L’un des fondateurs de la société il y a environ 30 ans, Hatem Bazian, a décrit la création comme « une franchise symbolique sans frais de franchise ».
Ce manque délibéré de hiérarchie a été crucial dans l’ascension du réseau, permettant aux chapitres de surgir avec peu d’obstacles, selon des entretiens avec 20 personnes et une enquête sur des vidéos, des écrits universitaires, des comptes d’archives et des archives publiques. La constellation de tactiques et de rhétorique du réseau, y compris des manifestations théâtrales avec des « murs de l’apartheid » et des simulations de points de contrôle israéliens, a été reproduite sur les campus à travers le pays.
Cependant, cette structure plate a également alimenté les inquiétudes des groupes pro-israéliens qui accusent le réseau de propager l’antisémitisme sur les campus, souvent avec peu de responsabilités. Un rapport de 2016 du Centre Cohen d’études juives modernes de Brandeis affirmait que la présence d’un chapitre sur un campus était « l’un des indicateurs les plus forts de la perception d’un climat hostile envers Israël et les Juifs ».
Certains critiques du réseau sont allés jusqu’à faire craindre que le groupe étudiant ait des liens financiers illégaux avec le Hamas, que le gouvernement américain considère comme une organisation terroriste.
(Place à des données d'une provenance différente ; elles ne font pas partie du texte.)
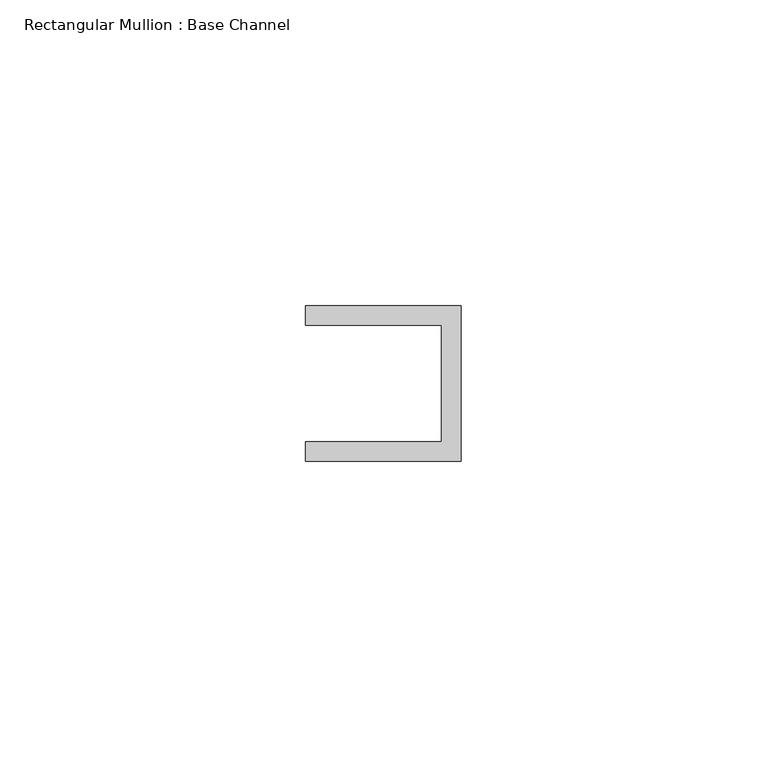
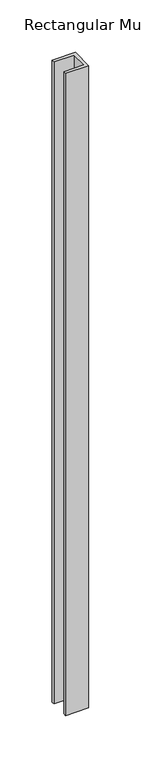
"""IFC4 building model written with IfcOpenShell, lengths in millimetres: member geometry, Rectangular Mullion : Base Channel."""

import ifcopenshell
import ifcopenshell.guid

model = None  # the IFC model being written
_history = None  # IfcOwnerHistory: only IFC2X3 demands one
_inside = {}  # id of a spatial element -> (the spatial element, [elements in it])
_under = {}  # id of a project, library or spatial element -> (it, [spatial elements below it])
_declared = {}  # id of a project -> (the project, [libraries it declares])
_typed = {}  # id of a type object -> (the type object, [elements of that type])
_made_of = {}  # id of a material, layer set ... -> (it, [elements and type objects made of it])


def new_model(schema):
    """Start an empty IFC model of exactly this schema.

    Asked for "IFC4X3", IfcOpenShell would pick the latest addendum, in which some entities
    have other attributes; the version numbers below select the first issue.
    IFC2X3 requires an IfcOwnerHistory on every rooted entity: one is made here for all.
    """
    global model, _history
    if schema == "IFC4X3":
        model = ifcopenshell.file(schema_version=(4, 3, 0, 0))
    else:
        model = ifcopenshell.file(schema=schema)
    _inside.clear()
    _under.clear()
    _declared.clear()
    _typed.clear()
    _made_of.clear()
    _history = None
    if model.schema == "IFC2X3":
        org = make("IfcOrganization", Name="unknown")
        user = make(
            "IfcPersonAndOrganization",
            ThePerson=make("IfcPerson", FamilyName="unknown"),
            TheOrganization=org,
        )
        app = make(
            "IfcApplication",
            ApplicationDeveloper=org,
            Version="unknown",
            ApplicationFullName="unknown",
            ApplicationIdentifier="unknown",
        )
        _history = make(
            "IfcOwnerHistory",
            OwningUser=user,
            OwningApplication=app,
            ChangeAction="ADDED",
            CreationDate=0,
        )
    return model


def make(cls, **values):
    """One entity of the class cls with the attributes given. An attribute that is None is left unset."""
    return model.create_entity(
        cls, **{name: value for name, value in values.items() if value is not None}
    )


def rooted(cls, **values):
    """An entity with a GlobalId (a new one), such as an element, a storey or a relation."""
    return make(cls, GlobalId=ifcopenshell.guid.new(), OwnerHistory=_history, **values)


def si_unit(unit_type, name, prefix=None):
    """IfcSIUnit, for example si_unit("LENGTHUNIT", "METRE", prefix="MILLI")."""
    return make("IfcSIUnit", UnitType=unit_type, Prefix=prefix, Name=name)


def assignment(units):
    """IfcUnitAssignment: the units of a project."""
    return None if units is None else make("IfcUnitAssignment", Units=units)


def point(xyz):
    """IfcCartesianPoint."""
    return None if xyz is None else make("IfcCartesianPoint", Coordinates=xyz)


def direction(xyz):
    """IfcDirection."""
    return None if xyz is None else make("IfcDirection", DirectionRatios=xyz)


def frame(location, z_axis=None, x_axis=None):
    """IfcAxis2Placement3D, a coordinate frame: its origin and axes. An axis left out is left unset."""
    return make(
        "IfcAxis2Placement3D",
        Location=point(location),
        Axis=direction(z_axis),
        RefDirection=direction(x_axis),
    )


def origin():
    """The frame at (0, 0, 0) with its axes left unset."""
    return frame((0.0, 0.0, 0.0))


def place(relative_to, where):
    """IfcLocalPlacement: puts the frame where relative to a parent placement (None: the world)."""
    return make(
        "IfcLocalPlacement", PlacementRelTo=relative_to, RelativePlacement=where
    )


def context(
    kind, dimensions, precision=None, world=None, true_north=None, identifier=None
):
    """IfcGeometricRepresentationContext, for example the 3D "Model" context."""
    return make(
        "IfcGeometricRepresentationContext",
        ContextIdentifier=identifier,
        ContextType=kind,
        CoordinateSpaceDimension=dimensions,
        Precision=precision,
        WorldCoordinateSystem=world,
        TrueNorth=true_north,
    )


def project(units=None, contexts=None):
    """IfcProject with its units and contexts."""
    return rooted(
        "IfcProject",
        Name="project",
        RepresentationContexts=contexts,
        UnitsInContext=assignment(units),
    )


def spatial(cls, under=None, at=None, **own):
    """A site, building, storey or space (cls), placed at a placement, below another one or the project."""
    s = rooted(cls, ObjectPlacement=at, **own)
    if under is not None:
        _under.setdefault(under.id(), (under, []))[1].append(s)
    return s


def polyline(points):
    """IfcPolyline through the points."""
    return make("IfcPolyline", Points=[point(p) for p in points])


def outline(outer, holes=None, kind="AREA"):
    """IfcArbitraryClosedProfileDef: a profile drawn as a closed curve; with holes, ...WithVoids."""
    if holes is None:
        return make("IfcArbitraryClosedProfileDef", ProfileType=kind, OuterCurve=outer)
    return make(
        "IfcArbitraryProfileDefWithVoids",
        ProfileType=kind,
        OuterCurve=outer,
        InnerCurves=holes,
    )


def extrude(swept, where, along, depth):
    """IfcExtrudedAreaSolid: the profile swept, set in the frame where, extruded along a direction by depth."""
    return make(
        "IfcExtrudedAreaSolid",
        SweptArea=swept,
        Position=where,
        ExtrudedDirection=direction(along),
        Depth=depth,
    )


def shape(context_of_items, identifier, shape_type, items):
    """IfcShapeRepresentation: the items that make up one representation, for example the "Body"."""
    return make(
        "IfcShapeRepresentation",
        ContextOfItems=context_of_items,
        RepresentationIdentifier=identifier,
        RepresentationType=shape_type,
        Items=items,
    )


def source(mapping_origin, context_of_items, identifier, shape_type, items):
    """IfcRepresentationMap: a shape defined once, which mapped items show again and again."""
    return make(
        "IfcRepresentationMap",
        MappingOrigin=mapping_origin,
        MappedRepresentation=shape(context_of_items, identifier, shape_type, items),
    )


def transform(
    local_origin,
    x_axis=None,
    y_axis=None,
    z_axis=None,
    scale=None,
    scale2=None,
    scale3=None,
    uniform=True,
):
    """IfcCartesianTransformationOperator3D, or its non-uniform kind. x_axis, y_axis, z_axis: its Axis1, 2, 3."""
    if uniform:
        return make(
            "IfcCartesianTransformationOperator3D",
            Axis1=direction(x_axis),
            Axis2=direction(y_axis),
            LocalOrigin=point(local_origin),
            Scale=scale,
            Axis3=direction(z_axis),
        )
    return make(
        "IfcCartesianTransformationOperator3DnonUniform",
        Axis1=direction(x_axis),
        Axis2=direction(y_axis),
        LocalOrigin=point(local_origin),
        Scale=scale,
        Axis3=direction(z_axis),
        Scale2=scale2,
        Scale3=scale3,
    )


def mapped(mapping_source, mapping_target):
    """IfcMappedItem: shows the shape of a source again, moved by a transform."""
    return make(
        "IfcMappedItem", MappingSource=mapping_source, MappingTarget=mapping_target
    )


def made_of(thing, what):
    """Note that an element or type object is made of a material, layer set ...; save() writes the relation."""
    if what is not None:
        _made_of.setdefault(what.id(), (what, []))[1].append(thing)
    return thing


def element(
    cls,
    number,
    at=None,
    inside=None,
    cuts=None,
    type_object=None,
    material=None,
    context=None,
    identifier="Body",
    shape_type=None,
    held_by="IfcProductDefinitionShape",
    body=None,
    shapes=None,
    **own,
):
    """One element of the class cls, such as IfcWall. Its Tag is "e" and its number.

    at: its placement. inside: the storey or other place that contains it. cuts: it is an
    opening in that element (IfcRelVoidsElement). A single representation is given by context,
    identifier, shape_type and body (its items); several are given by shapes. held_by: the class
    of the entity that holds the representations. save() writes the other relations.
    """
    e = rooted(cls, Tag="e%d" % number, ObjectPlacement=at, **own)
    if body is not None:
        shapes = [shape(context, identifier, shape_type, body)]
    if shapes is not None:
        e.Representation = make(held_by, Representations=shapes)
    if inside is not None:
        _inside.setdefault(inside.id(), (inside, []))[1].append(e)
    if cuts is not None:
        rooted(
            "IfcRelVoidsElement", RelatingBuildingElement=cuts, RelatedOpeningElement=e
        )
    if type_object is not None:
        _typed.setdefault(type_object.id(), (type_object, []))[1].append(e)
    return made_of(e, material)


def aggregate(whole, parts):
    """IfcRelAggregates: a whole, such as a stair, and the parts it consists of."""
    return rooted("IfcRelAggregates", RelatingObject=whole, RelatedObjects=parts)


def save(model, path):
    """Write the relations noted so far, then the file.

    IfcRelAggregates (storeys below a building ...), IfcRelContainedInSpatialStructure (elements
    in a storey), IfcRelDefinesByType, IfcRelAssociatesMaterial and IfcRelDeclares: one each for
    every whole, place, type object, material and project.
    """
    for whole, parts in _under.values():
        aggregate(whole, parts)
    for where, things in _inside.values():
        rooted(
            "IfcRelContainedInSpatialStructure",
            RelatedElements=things,
            RelatingStructure=where,
        )
    for kind, things in _typed.values():
        rooted("IfcRelDefinesByType", RelatedObjects=things, RelatingType=kind)
    for what, things in _made_of.values():
        rooted("IfcRelAssociatesMaterial", RelatedObjects=things, RelatingMaterial=what)
    for by, libraries in _declared.values():
        rooted("IfcRelDeclares", RelatingContext=by, RelatedDefinitions=libraries)
    model.write(path)


def rectangular_mullion_base_channel_118a4787(model_context):
    return source(origin(), model_context, "Body", "SweptSolid", [
        extrude(outline(polyline([(0.0, -12.7), (-25.4, -12.7), (-25.4, -9.525), (-3.175, -9.525), (-3.175, 9.525), (-25.4, 9.525), (-25.4, 12.7), (0.0, 12.7), (0.0, -12.7)])), frame((0.0, 0.0, -747.199643), z_axis=(0.0, 0.0, 1.0), x_axis=(1.0, 0.0, 0.0)), (0.0, 0.0, 1.0), 747.199643),
    ])


if __name__ == "__main__":
    model = new_model("IFC4")
    model_context = context("Model", 3, world=origin())
    ifc_project = project(units=[si_unit("LENGTHUNIT", "METRE", prefix="MILLI")], contexts=[model_context])
    site = spatial("IfcSite", under=ifc_project)
    building = spatial("IfcBuilding", under=site)
    placement = place(None, origin())
    rectangular_mullion_base_channel_shape = rectangular_mullion_base_channel_118a4787(model_context)
    element("IfcMember", 1, ObjectType="Rectangular Mullion : Base Channel", at=placement, inside=building, context=model_context, shape_type="MappedRepresentation", body=[
        mapped(rectangular_mullion_base_channel_shape, transform((0.0, 0.0, 0.0), x_axis=(1.0, 0.0, 0.0), y_axis=(0.0, 1.0, 0.0), z_axis=(0.0, 0.0, 1.0))),
    ])
    save(model, "model.ifc")

# Revit data of these elements
# Type "Rectangular Mullion : Base Channel"
#   built-in parameter 1007322 = 0.0833333 (stored number, unit not read)
#   built-in parameter 1007321 = 0.0416667 (stored number, unit not read)
#   built-in parameter 1007320 = -0.03125 (stored number, unit not read)
# Element 1 (IfcMember, "Rectangular Mullion : Base Channel")
#   Materials on its faces: "ALUM"
# Materials
#   "ALUM": class "Generic", colour RGB 157 157 157, transparency 0, Cost = 0
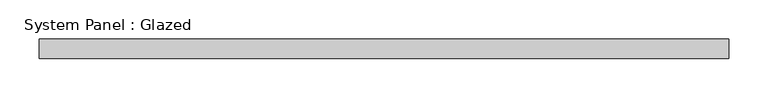
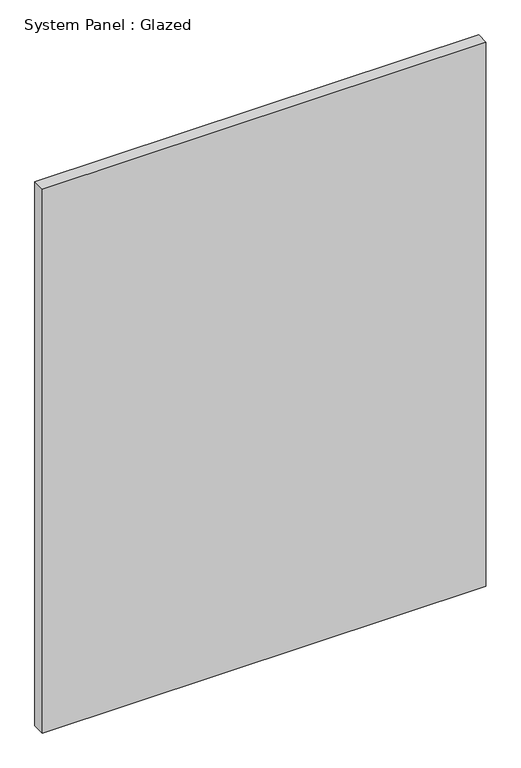
"""IFC4 building model written with IfcOpenShell, lengths in millimetres: plate geometry, System Panel : Glazed."""

from ifc_helpers import new_model, si_unit, origin, origin_with_axes, place, context, project, spatial, polyline, outline, extrude, source, transform, mapped, element, save


def system_panel_glazed_eb4afb5f(model_context):
    return source(origin(), model_context, "Body", "SweptSolid", [
        extrude(outline(polyline([(440.8714287, -12.7), (-440.8714287, -12.7), (-440.8714287, 12.7), (440.8714287, 12.7), (440.8714287, -12.7)])), origin_with_axes(), (0.0, 0.0, 1.0), 1143.0),
    ])


if __name__ == "__main__":
    model = new_model("IFC4")
    model_context = context("Model", 3, world=origin())
    ifc_project = project(units=[si_unit("LENGTHUNIT", "METRE", prefix="MILLI")], contexts=[model_context])
    site = spatial("IfcSite", under=ifc_project)
    building = spatial("IfcBuilding", under=site)
    placement = place(None, origin())
    system_panel_glazed_shape = system_panel_glazed_eb4afb5f(model_context)
    element("IfcPlate", 1, ObjectType="System Panel : Glazed", at=placement, inside=building, context=model_context, shape_type="MappedRepresentation", body=[
        mapped(system_panel_glazed_shape, transform((0.0, 0.0, 0.0), x_axis=(1.0, 0.0, 0.0), y_axis=(0.0, 1.0, 0.0), z_axis=(0.0, 0.0, 1.0))),
    ])
    save(model, "model.ifc")

# Revit data of these elements
# Element 1 (IfcPlate, "System Panel : Glazed")
#   Materials on its faces: "Glass"
# Materials
#   "Glass": class "Glass", colour RGB 218 227 224, transparency 0.85, Description = "Soda Lime Glass", Cost = 0

Mais ils n’ont pas rassemblé de preuves irréfutables à ce sujet, et aucun procureur n’a jamais porté plainte contre le réseau.
Les membres reconnaissent que leurs tactiques peuvent provoquer un malaise, mais insistent sur le fait que la mission du groupe est axée sur des causes progressistes, principalement le sort des Palestiniens, et la lutte contre des maux tels que la suprématie blanche et l’antisémitisme. Et ils estiment que la structure du groupe est indissociable de son intégrité en tant que mouvement étudiant militant, dont l’intensité a augmenté à mesure que le nombre de mor...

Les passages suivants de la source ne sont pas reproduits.